SCHUYLKILL HAVEN, Pa. — Corporal Robert Betnar remembers the moment well. 

It was 2008, and a suspect was finally arrested - 23 years after the death of a 13-year-old boy from Schuylkill Haven. 

At the time of his arrest, 43-year-old Joseph Geiger told reporters, "I didn't do it."

He would later admit he was the one who delivered the blow that left David Reed dead in the woods in 1985.

"People thought that a harder look needed to be taken at Joe Geiger, which we eventually did," said Cpl. Betnar.

"We always had a feeling that Joe Geiger had something to do with it, but now we had the proof. We knew 100%," said David's cousin, Pam Russell.

In August of 1985, the 13-year-old went out for a bike ride in his neighborhood in Schuylkill Haven and never returned home.

His body wasn't found until four months later, badly decomposed, in the woods near his house.

David's killer is the one who led police to the body. Geiger, who was 20 at the time, told detectives his dog had been bringing bones home from the woods. Those bones belonged to the boy Geiger had buried four months earlier.

"Truth is stranger than fiction sometimes. Certainly for the killer to be on TV looking like he's assisting the investigation, yeah, that's pretty unbelievable," said Cpl. Betnar.

An autopsy concluded Reed died from natural causes - possibly undiagnosed diabetes. With no witnesses, no evidence, and no cause of death, Reed's case went cold. 

But police knew there was more to the story - an investigator says so in the 'Cold Case Files' episode.

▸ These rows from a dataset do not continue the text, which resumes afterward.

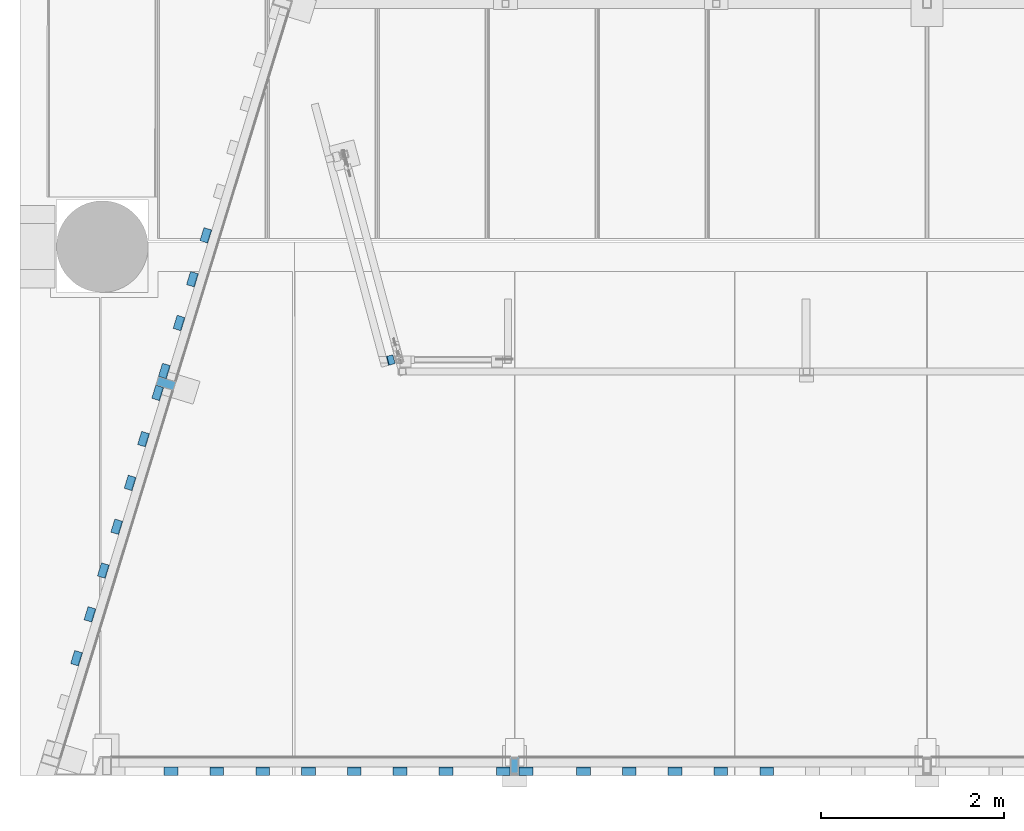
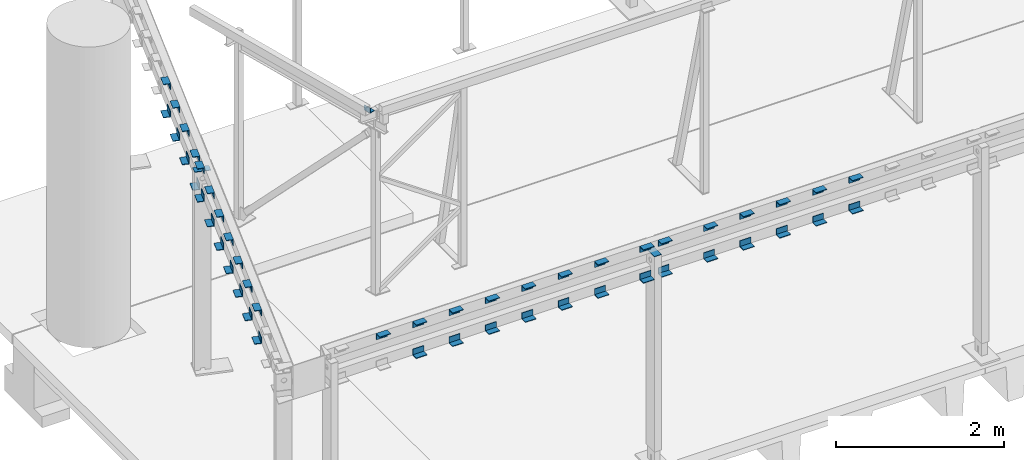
# One storey, part 12 of 19: 52 beams.
"""IFC2X3 building model written with IfcOpenShell, lengths in millimetres."""

from ifc_helpers import new_model, entity, si_unit, converted_unit, derived_unit, direction, frame, origin_with_axes, place, context, subcontext, project, spatial, faceted_brep, material, type_object, element, save


model = new_model("IFC2X3")

# Units and contexts
model_context = context("Model", 3, precision=0.01, world=frame((0.0, 4.29681676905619e-09, 0.0)), true_north=direction((4.01073788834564e-13, 1.0)))
plan_context = context("Plan", 3, precision=0.01, world=frame((0.0, 4.29681676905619e-09, 0.0)), true_north=direction((4.01073788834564e-13, 1.0)))
body_context = subcontext(model_context, "Body", "Model", "MODEL_VIEW")
ifc_project = project(units=[converted_unit("PLANEANGLEUNIT", "DEGREE", entity("IfcPositiveLengthMeasure", 0.0174532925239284), si_unit("PLANEANGLEUNIT", "RADIAN"), dimensions=[0, 0, 0, 0, 0, 0, 0]), si_unit("AREAUNIT", "SQUARE_METRE"), si_unit("LENGTHUNIT", "METRE", prefix="MILLI"), si_unit("MASSUNIT", "GRAM", prefix="KILO"), si_unit("POWERUNIT", "WATT"), si_unit("PRESSUREUNIT", "PASCAL", prefix="KILO"), si_unit("FORCEUNIT", "NEWTON", prefix="KILO"), si_unit("ELECTRICVOLTAGEUNIT", "VOLT"), si_unit("ELECTRICCURRENTUNIT", "AMPERE"), si_unit("THERMODYNAMICTEMPERATUREUNIT", "DEGREE_CELSIUS"), si_unit("TIMEUNIT", "SECOND"), si_unit("VOLUMEUNIT", "CUBIC_METRE"), derived_unit("LINEARVELOCITYUNIT", [(si_unit("LENGTHUNIT", "METRE"), 1), (si_unit("TIMEUNIT", "SECOND"), -1)]), derived_unit("VOLUMETRICFLOWRATEUNIT", [(si_unit("VOLUMEUNIT", "CUBIC_METRE"), 1), (si_unit("TIMEUNIT", "SECOND"), -1)]), derived_unit("THERMALTRANSMITTANCEUNIT", [(si_unit("POWERUNIT", "WATT"), 1), (si_unit("THERMODYNAMICTEMPERATUREUNIT", "KELVIN"), -1), (si_unit("AREAUNIT", "SQUARE_METRE"), -1)]), derived_unit("SOUNDPRESSUREUNIT", [(si_unit("PRESSUREUNIT", "PASCAL"), 1)])], contexts=[model_context, plan_context])

# Site, building, storey
site_placement = place(None, frame((0.0, -4.29681676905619e-09, 0.0), z_axis=(0.0, 0.0, 1.0), x_axis=(1.0, 0.0, 0.0)))
site = spatial("IfcSite", under=ifc_project, at=site_placement, Name="Gardermoen", CompositionType="ELEMENT")
building_placement = place(site_placement, frame((0.0, 4.29681676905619e-09, 0.0), z_axis=(0.0, 0.0, 1.0), x_axis=(1.0, 0.0, 0.0)))
building = spatial("IfcBuilding", under=site, at=building_placement, Name="TI", CompositionType="ELEMENT")
storey_placement = place(building_placement, origin_with_axes())
storey = spatial("IfcBuildingStorey", under=building, at=storey_placement, Name="F", CompositionType="ELEMENT", Elevation=0.0)

# Beams
ifc_material_1 = material(Name="STEEL/S355")
beam_type_1 = type_object("IfcBeamType", Name="PL8*100", PredefinedType="NOTDEFINED")
beam_1_placement = place(storey_placement, frame((587450.000043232, 569930.0, 213740.999618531), z_axis=(1.0, 0.0, 0.0), x_axis=(0.0, -1.0, 0.0)))
element("IfcBeam", 1, at=beam_1_placement, inside=storey, type_object=beam_type_1, material=ifc_material_1, Name="STÅLBJELKE", ObjectType="PL8*100", context=body_context, shape_type="Brep", body=[
    faceted_brep([(-5.82076609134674e-11, -3.99999999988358, 0.0), (3.95812094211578e-09, -3.99999999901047, 100.000000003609), (4.30736690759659e-09, 4.00000000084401, 100.000000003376), (-5.82076609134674e-11, 4.00000000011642, -5.82076609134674e-11), (199.999999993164, -4.0, 99.9999999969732), (199.999999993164, 4.0, 99.9999999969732), (200.0, -4.0, -1.97906047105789e-09), (200.0, 4.00000000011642, -1.62981450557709e-09)], [[[0, 1, 2, 3]], [[1, 4, 5, 2]], [[4, 6, 7, 5]], [[6, 0, 3, 7]], [[5, 7, 3, 2]], [[6, 4, 1, 0]]]),
])
beam_2_placement = place(storey_placement, frame((583804.084982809, 574025.269022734, 213741.000686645), z_axis=(-0.956304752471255, 0.292371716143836, 0.0), x_axis=(-0.292371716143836, -0.956304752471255, 0.0)))
element("IfcBeam", 2, at=beam_2_placement, inside=storey, type_object=beam_type_1, material=ifc_material_1, Name="STÅLBJELKE", ObjectType="PL8*100", context=body_context, shape_type="Brep", body=[
    faceted_brep([(-5.82076609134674e-11, -3.99999999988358, 0.0), (3.84170562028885e-09, -4.0, 199.999999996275), (3.84170562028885e-09, 4.0, 199.999999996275), (-5.82076609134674e-11, 4.00000000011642, -5.82076609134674e-11), (100.000000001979, -4.0, 199.999999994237), (100.000000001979, 4.0, 199.999999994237), (100.0, -4.0, 0.0), (100.0, 4.0, 0.0)], [[[0, 1, 2, 3]], [[1, 4, 5, 2]], [[4, 6, 7, 5]], [[6, 0, 3, 7]], [[5, 7, 3, 2]], [[6, 4, 1, 0]]]),
])
beam_type_2 = type_object("IfcBeamType", Name="L90*9", PredefinedType="NOTDEFINED")
for number, where, z_axis, x_axis in (
    (3, (583815.959533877, 574594.137220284, 213450.001068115), (-0.956310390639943, 0.292353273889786, -5.79999804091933e-08), (0.292353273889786, 0.956310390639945, -3.30052303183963e-14)),
    (4, (583815.959533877, 574594.137220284, 213850.001068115), (0.0, 0.0, -1.0), (0.292353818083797, 0.956310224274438, 0.0)),
    (5, (583962.139533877, 575072.297220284, 213450.001068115), (-0.956310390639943, 0.292353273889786, -5.79999804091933e-08), (0.292353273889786, 0.956310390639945, -3.30052303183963e-14)),
    (6, (583962.139533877, 575072.297220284, 213850.001068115), (0.0, 0.0, -1.0), (0.292353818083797, 0.956310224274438, 0.0)),
    (7, (584108.319533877, 575550.457220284, 213450.001068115), (-0.956310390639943, 0.292353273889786, -5.79999804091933e-08), (0.292353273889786, 0.956310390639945, -3.30052303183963e-14)),
    (8, (584108.319533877, 575550.457220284, 213850.001068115), (0.0, 0.0, -1.0), (0.292353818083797, 0.956310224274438, 0.0)),
    (9, (582697.629533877, 570936.277220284, 213450.001068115), (-0.956310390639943, 0.292353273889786, -5.79999804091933e-08), (0.292353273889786, 0.956310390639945, -3.30052303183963e-14)),
    (10, (582697.629533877, 570936.277220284, 213850.001068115), (0.0, 0.0, -1.0), (0.292353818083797, 0.956310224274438, 0.0)),
    (11, (582843.809533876, 571414.437220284, 213450.001068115), (-0.956310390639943, 0.292353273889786, -5.79999804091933e-08), (0.292353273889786, 0.956310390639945, -3.30052303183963e-14)),
    (12, (582843.809533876, 571414.437220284, 213850.001068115), (0.0, 0.0, -1.0), (0.292353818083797, 0.956310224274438, 0.0)),
    (13, (583428.529533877, 573327.077220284, 213450.001068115), (-0.956310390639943, 0.292353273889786, -5.79999804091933e-08), (0.292353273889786, 0.956310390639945, -3.30052303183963e-14)),
    (14, (583428.529533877, 573327.077220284, 213850.001068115), (0.0, 0.0, -1.0), (0.292353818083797, 0.956310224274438, 0.0)),
    (15, (583282.349533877, 572848.917220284, 213450.001068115), (-0.956310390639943, 0.292353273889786, -5.79999804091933e-08), (0.292353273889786, 0.956310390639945, -3.30052303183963e-14)),
    (16, (583282.349533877, 572848.917220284, 213850.001068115), (0.0, 0.0, -1.0), (0.292353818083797, 0.956310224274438, 0.0)),
    (17, (583136.169533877, 572370.757220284, 213450.001068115), (-0.956310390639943, 0.292353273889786, -5.79999804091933e-08), (0.292353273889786, 0.956310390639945, -3.30052303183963e-14)),
    (18, (583136.169533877, 572370.757220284, 213850.001068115), (0.0, 0.0, -1.0), (0.292353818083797, 0.956310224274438, 0.0)),
    (19, (583824.999978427, 569774.999964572, 213850.001068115), (0.0, 0.0, -1.0), (-0.999999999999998, 5.80000057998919e-08, 0.0)),
    (20, (584324.999978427, 569774.999964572, 213450.001068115), (-5.80000057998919e-08, -0.999999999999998, 0.0), (-0.999999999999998, 5.80000057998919e-08, 0.0)),
    (21, (584324.999978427, 569774.999964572, 213850.001068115), (0.0, 0.0, -1.0), (-0.999999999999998, 5.80000057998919e-08, 0.0)),
    (22, (584824.999978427, 569774.999964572, 213450.001068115), (-5.80000057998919e-08, -0.999999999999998, 0.0), (-0.999999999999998, 5.80000057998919e-08, 0.0)),
    (23, (584824.999978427, 569774.999964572, 213850.001068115), (0.0, 0.0, -1.0), (-0.999999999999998, 5.80000057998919e-08, 0.0)),
    (24, (586824.999978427, 569774.999964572, 213450.001068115), (-5.80000057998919e-08, -0.999999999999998, 0.0), (-0.999999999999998, 5.80000057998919e-08, 0.0)),
    (25, (586824.999978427, 569774.999964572, 213850.001068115), (0.0, 0.0, -1.0), (-0.999999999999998, 5.80000057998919e-08, 0.0)),
    (26, (586324.999978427, 569774.999964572, 213450.001068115), (-5.80000057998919e-08, -0.999999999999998, 0.0), (-0.999999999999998, 5.80000057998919e-08, 0.0)),
    (27, (586324.999978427, 569774.999964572, 213850.001068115), (0.0, 0.0, -1.0), (-0.999999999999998, 5.80000057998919e-08, 0.0)),
    (28, (585824.999978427, 569774.999964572, 213450.001068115), (-5.80000057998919e-08, -0.999999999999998, 0.0), (-0.999999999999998, 5.80000057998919e-08, 0.0)),
    (29, (585824.999978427, 569774.999964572, 213850.001068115), (0.0, 0.0, -1.0), (-0.999999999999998, 5.80000057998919e-08, 0.0)),
    (30, (585324.999978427, 569774.999964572, 213450.001068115), (-5.80000057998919e-08, -0.999999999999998, 0.0), (-0.999999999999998, 5.80000057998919e-08, 0.0)),
    (31, (585324.999978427, 569774.999964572, 213850.001068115), (0.0, 0.0, -1.0), (-0.999999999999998, 5.80000057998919e-08, 0.0)),
    (32, (588324.999978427, 569774.999964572, 213450.001068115), (-5.80000057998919e-08, -0.999999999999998, 0.0), (-0.999999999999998, 5.80000057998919e-08, 0.0)),
    (33, (588324.999978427, 569774.999964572, 213850.001068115), (0.0, 0.0, -1.0), (-0.999999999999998, 5.80000057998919e-08, 0.0)),
    (34, (588824.999978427, 569774.999964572, 213450.001068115), (-5.80000057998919e-08, -0.999999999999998, 0.0), (-0.999999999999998, 5.80000057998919e-08, 0.0)),
    (35, (588824.999978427, 569774.999964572, 213850.001068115), (0.0, 0.0, -1.0), (-0.999999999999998, 5.80000057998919e-08, 0.0)),
    (36, (589324.999978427, 569774.999964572, 213450.001068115), (-5.80000057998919e-08, -0.999999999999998, 0.0), (-0.999999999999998, 5.80000057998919e-08, 0.0)),
    (37, (589324.999978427, 569774.999964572, 213850.001068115), (0.0, 0.0, -1.0), (-0.999999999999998, 5.80000057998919e-08, 0.0)),
    (38, (590324.999978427, 569774.999964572, 213450.001068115), (-5.80000057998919e-08, -0.999999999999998, 0.0), (-0.999999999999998, 5.80000057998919e-08, 0.0)),
    (39, (590324.999978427, 569774.999964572, 213850.001068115), (0.0, 0.0, -1.0), (-0.999999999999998, 5.80000057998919e-08, 0.0)),
    (40, (589824.999978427, 569774.999964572, 213450.001068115), (-5.80000057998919e-08, -0.999999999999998, 0.0), (-0.999999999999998, 5.80000057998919e-08, 0.0)),
    (41, (589824.999978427, 569774.999964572, 213850.001068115), (0.0, 0.0, -1.0), (-0.999999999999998, 5.80000057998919e-08, 0.0)),
    (42, (583655.859533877, 574070.577220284, 213450.001068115), (-0.956310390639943, 0.292353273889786, -5.79999804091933e-08), (0.292353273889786, 0.956310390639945, -3.30052303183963e-14)),
    (43, (583655.859533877, 574070.577220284, 213850.001068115), (0.0, 0.0, -1.0), (0.292353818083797, 0.956310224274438, 0.0)),
    (44, (583582.779533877, 573831.507220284, 213450.001068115), (-0.956310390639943, 0.292353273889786, -5.79999804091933e-08), (0.292353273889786, 0.956310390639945, -3.30052303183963e-14)),
    (45, (583582.779533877, 573831.507220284, 213850.001068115), (0.0, 0.0, -1.0), (0.292353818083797, 0.956310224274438, 0.0)),
    (46, (582989.989533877, 571892.597220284, 213450.001068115), (-0.956310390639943, 0.292353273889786, -5.79999804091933e-08), (0.292353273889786, 0.956310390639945, -3.30052303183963e-14)),
    (47, (582989.989533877, 571892.597220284, 213850.001068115), (0.0, 0.0, -1.0), (0.292353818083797, 0.956310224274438, 0.0)),
    (48, (587699.999978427, 569774.999964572, 213450.001068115), (-5.80000057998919e-08, -0.999999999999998, 0.0), (-0.999999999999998, 5.80000057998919e-08, 0.0)),
    (49, (587699.999978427, 569774.999964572, 213850.001068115), (0.0, 0.0, -1.0), (-0.999999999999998, 5.80000057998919e-08, 0.0)),
    (50, (587449.999978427, 569774.999964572, 213450.001068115), (-5.80000057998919e-08, -0.999999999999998, 0.0), (-0.999999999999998, 5.80000057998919e-08, 0.0)),
    (51, (587449.999978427, 569774.999964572, 213850.001068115), (0.0, 0.0, -1.0), (-0.999999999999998, 5.80000057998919e-08, 0.0)),
):
    element("IfcBeam", number, at=place(storey_placement, frame(where, z_axis=z_axis, x_axis=x_axis)), inside=storey, type_object=beam_type_2, material=ifc_material_1, Name="STÅLBJELKE", ObjectType="L90*9", context=body_context, shape_type="Brep", body=[
        faceted_brep([(0.0, 45.0, -45.0), (0.0, 45.0, 45.0), (149.994660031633, 45.0, 44.9999999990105), (149.994660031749, 45.0, -44.9999999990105), (8.14907252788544e-10, 36.0, 44.9999999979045), (149.994660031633, 36.0, 44.9999999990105), (-4.65661287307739e-10, 36.0, -35.9999999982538), (149.994660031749, 36.0, -35.9999999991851), (-4.65661287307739e-10, -45.0, -35.9999999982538), (149.994660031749, -45.0, -35.9999999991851), (0.0, -45.0, -45.0), (149.994660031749, -45.0, -44.9999999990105)], [[[0, 1, 2, 3]], [[1, 4, 5, 2]], [[4, 6, 7, 5]], [[6, 8, 9, 7]], [[8, 10, 11, 9]], [[10, 0, 3, 11]], [[5, 7, 9, 11, 3, 2]], [[10, 8, 6, 4, 1, 0]]]),
    ])
ifc_material_2 = material(Name="STEEL/S355J0")
beam_type_3 = type_object("IfcBeamType", Name="L75*8", PredefinedType="NOTDEFINED")
beam_3_placement = place(storey_placement, frame((586159.890924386, 574213.551604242, 213615.499732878), z_axis=(-2.58819226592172e-10, 9.65933660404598e-10, 1.0), x_axis=(-0.258817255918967, 0.965926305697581, -1.00000761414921e-09)))
element("IfcBeam", 52, at=beam_3_placement, inside=storey, type_object=beam_type_3, material=ifc_material_2, Name="STÅLBJELKE", ObjectType="L75*8", context=body_context, shape_type="Brep", body=[
    faceted_brep([(1.10594555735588e-09, 37.5, -37.4999999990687), (-1.33877620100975e-09, 37.5, 37.4999999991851), (100.000000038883, 37.5000000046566, 37.5000000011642), (100.000000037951, 37.5000000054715, -37.4999999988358), (-1.33877620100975e-09, 29.5, 37.4999999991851), (100.000000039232, 29.500000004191, 37.500000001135), (8.73114913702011e-10, 29.5, -29.4999999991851), (100.000000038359, 29.5000000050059, -29.499999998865), (8.73114913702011e-10, -37.5, -29.4999999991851), (100.000000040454, -37.499999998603, -29.4999999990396), (1.10594555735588e-09, -37.5, -37.4999999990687), (100.00000004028, -37.4999999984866, -37.4999999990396)], [[[0, 1, 2, 3]], [[1, 4, 5, 2]], [[4, 6, 7, 5]], [[6, 8, 9, 7]], [[8, 10, 11, 9]], [[10, 0, 3, 11]], [[5, 7, 9, 11, 3, 2]], [[10, 8, 6, 4, 1, 0]]]),
])

save(model, "model.ifc")

It wasn't until 2005 when Cpl. Betnar took over the case that the family finally started getting some answers. 

"It was a cold case for a reason. So not much progress had been made. We decided to re-do the entire investigation from scratch."

"It had been so long, and it almost felt like it was forgotten," Reed's cousin, Pam Russell, said. "And then when he came along, we had new hope."

Through interviews, and forensic technology not available in the 80s, Betnar was able to link Joe Geiger to Reed's death. He admitted to punching Reed in the face during an argument over marijuana while they were sitting in a parked caboose near the woods. Geiger accused the teen of stealing his pot plants. Reed fell and hit his head on a metal wall. Instead of calling 911, Geiger dragged the teen into the woods.

"It's always gonna hurt, and there's always gonna be that hole there. But at least now we know, and David can rest peacefully," Russell said.

David's family, and Corporal Betnar, are glad the story is getting national attention. 

"I hope the TV show honors David's memory, and does the family justice and gives hope to people out there who have unsolved cold cases that these difficult cases can be brought to a successful resolution," Cpl. Betnar said.

"Because it went so long without anyone knowing what actually happened to Dave," said Russell. "It just gets the story out there because he can't speak for himself."

Geiger is a free man now. He pleaded guilty to involuntary manslaughter and served two years behind bars.

The 'Cold Case Files' episode is titled 'The Bone Keeper,' in reference to Geiger collecting the bones of the boy he killed.